Aetiology

The cause of Waldenström's macroglobulinaemia (WM) is unknown. Genetic factors may play a role, as family clusters have been described, but, in the vast majority of cases, WM is a sporadic disorder.[11] A history of immunoglobulin M (IgM) monoclonal gammopathy of undetermined significance (MGUS) and/or a family history of a first-degree relative with B-cell lymphoproliferative disorder are the only risk factors strongly supported by epidemiological studies.[12][13][14][15] Genetic linkage analysis suggests the possibility of chromosome 1q and 4q abnormalities.[16]

In over 90% of patients with WM, the tumour has acquired a MYD88 L265P somatic mutation on chromosome 3p.[17] This mutation (in concert with Bruton's tyrosine kinase [BTK]) acts as a driver for B-cell tumour growth.[18] An MYD88-independent Sp1 transcription factor has emerged as another important regulator of cell survival and growth in WM.[19]

Another mutation associated with WM is the C1013G/C-X-C chemokine receptor type 4 (CXCR4)-WHIM mutation in approximately 28% of patients with WM (versus 7% in other low-grade lymphomas).[20] The CXCR4 mutation is an activating mutation in WM and is found in patients who have a MYD88 mutation.[21] These mutations are critical to the pathogenesis of the disease and may be important for the development of targeted treatments.[22][23]​ The minority of patients who lack a MYD88 mutation have a worse prognosis and are less responsive to targeted treatment with ibrutinib.[17][24]​ Patients with a MYD88 mutation who lack the CXCR4 mutation may have the best response to BTK inhibitors including ibrutinib and zanubrutinib.[17]

Pathophysiology

Origin of Waldenström's macroglobulinaemia (WM) malignant clone

  • Pluripotent haematopoietic stem cells give origin to B lymphocyte-committed stem cells that proceed to immature antigen-naive B cells. These cells then mature and express immunoglobulin M (IgM) or IgD surface immunoglobulin after completion of V(D)J recombination and may move to lymph nodes and engage an antigen using their surface antibody. This triggers the process of antigen-dependent B-cell maturation, during which B cells divide in germinal lymphoid centres, undergoing genetic mutations (somatic hypermutation) to select the antibodies with the highest binding affinity for the antigen. In addition, antibody class switching occurs to produce new classes of IgG, IgA, and IgE antibodies. Somatic hypermutation has a high risk of errors and malignant transformation. It has been hypothesised that the WM tumour cell originates from a B cell that has passed the stage of hypermutation but has not yet gone through isotope class switching.[25]

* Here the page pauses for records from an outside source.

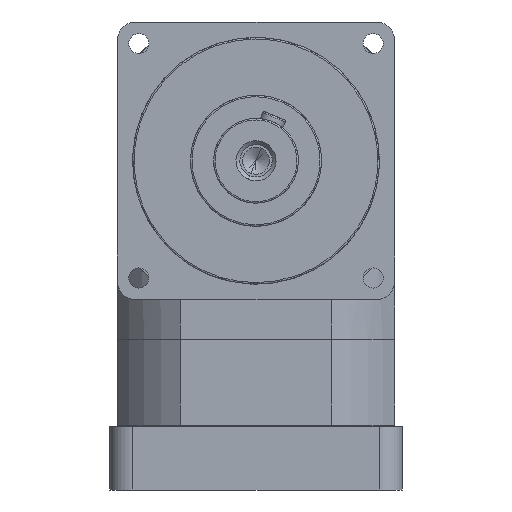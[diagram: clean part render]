
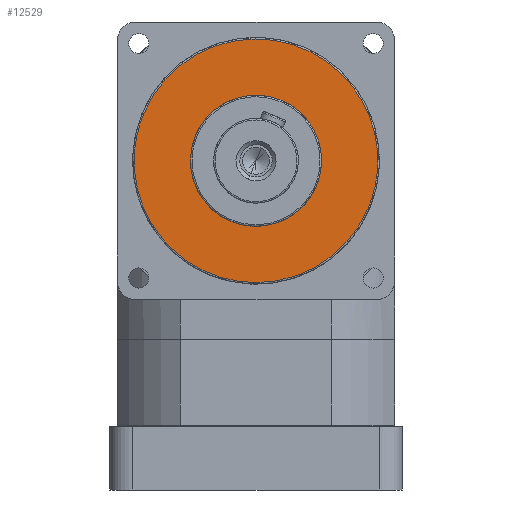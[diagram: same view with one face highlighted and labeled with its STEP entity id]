
A CAD part, left-side view. The second image highlights one B-rep face of the part: STEP entity #12529.
In plain terms, the highlighted planar face has unit normal (-1, 0, 0).
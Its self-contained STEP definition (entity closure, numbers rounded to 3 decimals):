
#3272 = CARTESIAN_POINT ( 'NONE',  ( -218.5, 12.682, 389.694 ) ) ;
#5060 = CARTESIAN_POINT ( 'NONE',  ( -218.5, 73.014, 243.666 ) ) ;
#5129 = VERTEX_POINT ( 'NONE', #34568 ) ;
#6584 = EDGE_CURVE ( 'NONE', #17054, #11764, #30233, .T. ) ;
#8515 = FACE_BOUND ( 'NONE', #34829, .T. ) ;
#9153 = CARTESIAN_POINT ( 'NONE',  ( -218.5, -73.014, 183.334 ) ) ;
#9936 = CARTESIAN_POINT ( 'NONE',  ( -218.5, 0., 213.5 ) ) ;
#10592 =( BOUNDED_CURVE ( )  B_SPLINE_CURVE ( 3, ( #14994, #3272, #27210, #9153 ),
 .UNSPECIFIED., .F., .F. ) 
 B_SPLINE_CURVE_WITH_KNOTS ( ( 4, 4 ),
 ( 0., 1. ),
 .UNSPECIFIED. ) 
 CURVE ( )  GEOMETRIC_REPRESENTATION_ITEM ( )  RATIONAL_B_SPLINE_CURVE ( ( 1., 0.333, 0.333, 1. ) ) 
 REPRESENTATION_ITEM ( '' )  );
#10963 = ORIENTED_EDGE ( 'NONE', *, *, #16827, .F. ) ;
#11086 = AXIS2_PLACEMENT_3D ( 'NONE', #14216, #14207, #14163 ) ;
#11764 = VERTEX_POINT ( 'NONE', #24006 ) ;
#11941 = CARTESIAN_POINT ( 'NONE',  ( -218.5, 0., 213.5 ) ) ;
#12529 = ADVANCED_FACE ( 'NONE', ( #8515, #13233 ), #23939, .F. ) ;
#12939 = DIRECTION ( 'NONE',  ( 0., 0.924, 0.382 ) ) ;
#13233 = FACE_OUTER_BOUND ( 'NONE', #27488, .T. ) ;
#13830 = CARTESIAN_POINT ( 'NONE',  ( -218.5, -12.682, 37.306 ) ) ;
#14163 = DIRECTION ( 'NONE',  ( 0., 0.924, 0.382 ) ) ;
#14207 = DIRECTION ( 'NONE',  ( -1., 0., 0. ) ) ;
#14216 = CARTESIAN_POINT ( 'NONE',  ( -218.5, 0., 213.5 ) ) ;
#14994 = CARTESIAN_POINT ( 'NONE',  ( -218.5, 73.014, 243.666 ) ) ;
#16683 = ORIENTED_EDGE ( 'NONE', *, *, #6584, .F. ) ;
#16827 = EDGE_CURVE ( 'NONE', #27609, #5129, #27451, .T. ) ;
#16902 = AXIS2_PLACEMENT_3D ( 'NONE', #9936, #31013, #12939 ) ;
#16962 = ORIENTED_EDGE ( 'NONE', *, *, #19300, .F. ) ;
#17054 = VERTEX_POINT ( 'NONE', #35232 ) ;
#17989 = DIRECTION ( 'NONE',  ( 0., 0.924, 0.382 ) ) ;
#19300 = EDGE_CURVE ( 'NONE', #5129, #27609, #24646, .T. ) ;
#20665 = ORIENTED_EDGE ( 'NONE', *, *, #34410, .F. ) ;
#22261 = AXIS2_PLACEMENT_3D ( 'NONE', #11941, #35943, #17989 ) ;
#23939 = PLANE ( 'NONE',  #22261 ) ;
#24006 = CARTESIAN_POINT ( 'NONE',  ( -218.5, 73.014, 243.666 ) ) ;
#24646 = CIRCLE ( 'NONE', #11086, 42.5 ) ;
#27210 = CARTESIAN_POINT ( 'NONE',  ( -218.5, -133.346, 329.361 ) ) ;
#27451 = CIRCLE ( 'NONE', #16902, 42.5 ) ;
#27488 = EDGE_LOOP ( 'NONE', ( #16683, #20665 ) ) ;
#27609 = VERTEX_POINT ( 'NONE', #30104 ) ;
#30104 = CARTESIAN_POINT ( 'NONE',  ( -218.5, 39.28, 229.729 ) ) ;
#30233 =( BOUNDED_CURVE ( )  B_SPLINE_CURVE ( 3, ( #34874, #13830, #31909, #5060 ),
 .UNSPECIFIED., .F., .T. ) 
 B_SPLINE_CURVE_WITH_KNOTS ( ( 4, 4 ),
 ( 0., 1. ),
 .UNSPECIFIED. ) 
 CURVE ( )  GEOMETRIC_REPRESENTATION_ITEM ( )  RATIONAL_B_SPLINE_CURVE ( ( 1., 0.333, 0.333, 1. ) ) 
 REPRESENTATION_ITEM ( '' )  );
#31013 = DIRECTION ( 'NONE',  ( -1., 0., 0. ) ) ;
#31909 = CARTESIAN_POINT ( 'NONE',  ( -218.5, 133.346, 97.639 ) ) ;
#34410 = EDGE_CURVE ( 'NONE', #11764, #17054, #10592, .T. ) ;
#34568 = CARTESIAN_POINT ( 'NONE',  ( -218.5, -39.28, 197.271 ) ) ;
#34829 = EDGE_LOOP ( 'NONE', ( #10963, #16962 ) ) ;
#34874 = CARTESIAN_POINT ( 'NONE',  ( -218.5, -73.014, 183.334 ) ) ;
#35232 = CARTESIAN_POINT ( 'NONE',  ( -218.5, -73.014, 183.334 ) ) ;
#35943 = DIRECTION ( 'NONE',  ( 1., 0., 0. ) ) ;

The two main pathophysiological processes characteristic of WM are:

  • Infiltration and uncontrolled proliferation of malignant lymphoplasmacytic cells in the bone marrow and visceral organs, leading to bone marrow failure, lymphadenopathy, and splenomegaly.

  • Production of abnormal high molecular weight monoclonal IgM leading to symptoms related to hyperviscosity, and direct damage of nerves (neuropathy) and other targets (e.g., red cells, clotting factors). Hyperviscosity requires urgent treatment.

Classification

The 2022 revision of the World Health Organization (WHO) classification of lymphoid neoplasms[1]​​

The WHO classifies WM as a type of lymphoplasmacytic lymphoma (LPL) under the group mature B-cell neoplasms.

The WHO classification recognises two sub-types of LPL:

  • IgM LPL/WM type (defined as LPL in the bone marrow with monoclonal IgM in the blood)

  • Non-WM type LPL (includes: LPL in the bone marrow with IgG or IgA monoclonal protein; or non-secretory LPL; or IgM LPL without bone marrow involvement)

The International Consensus Classification of Mature Lymphoid Neoplasms: a report from the Clinical Advisory Committee[2]

The International Consensus Classification also defines Waldenström's macroglobulinaemia as an LPL under the group mature B-cell neoplasms, although it does not distinguish any sub-types.

Clinical classification[3]

There are two clinical sub-groups of WM:

  • Symptomatic WM that requires treatment

  • Smouldering WM (SWM). This is defined as asymptomatic WM without clinical indications for treatment for a minimum of 12 months following diagnosis.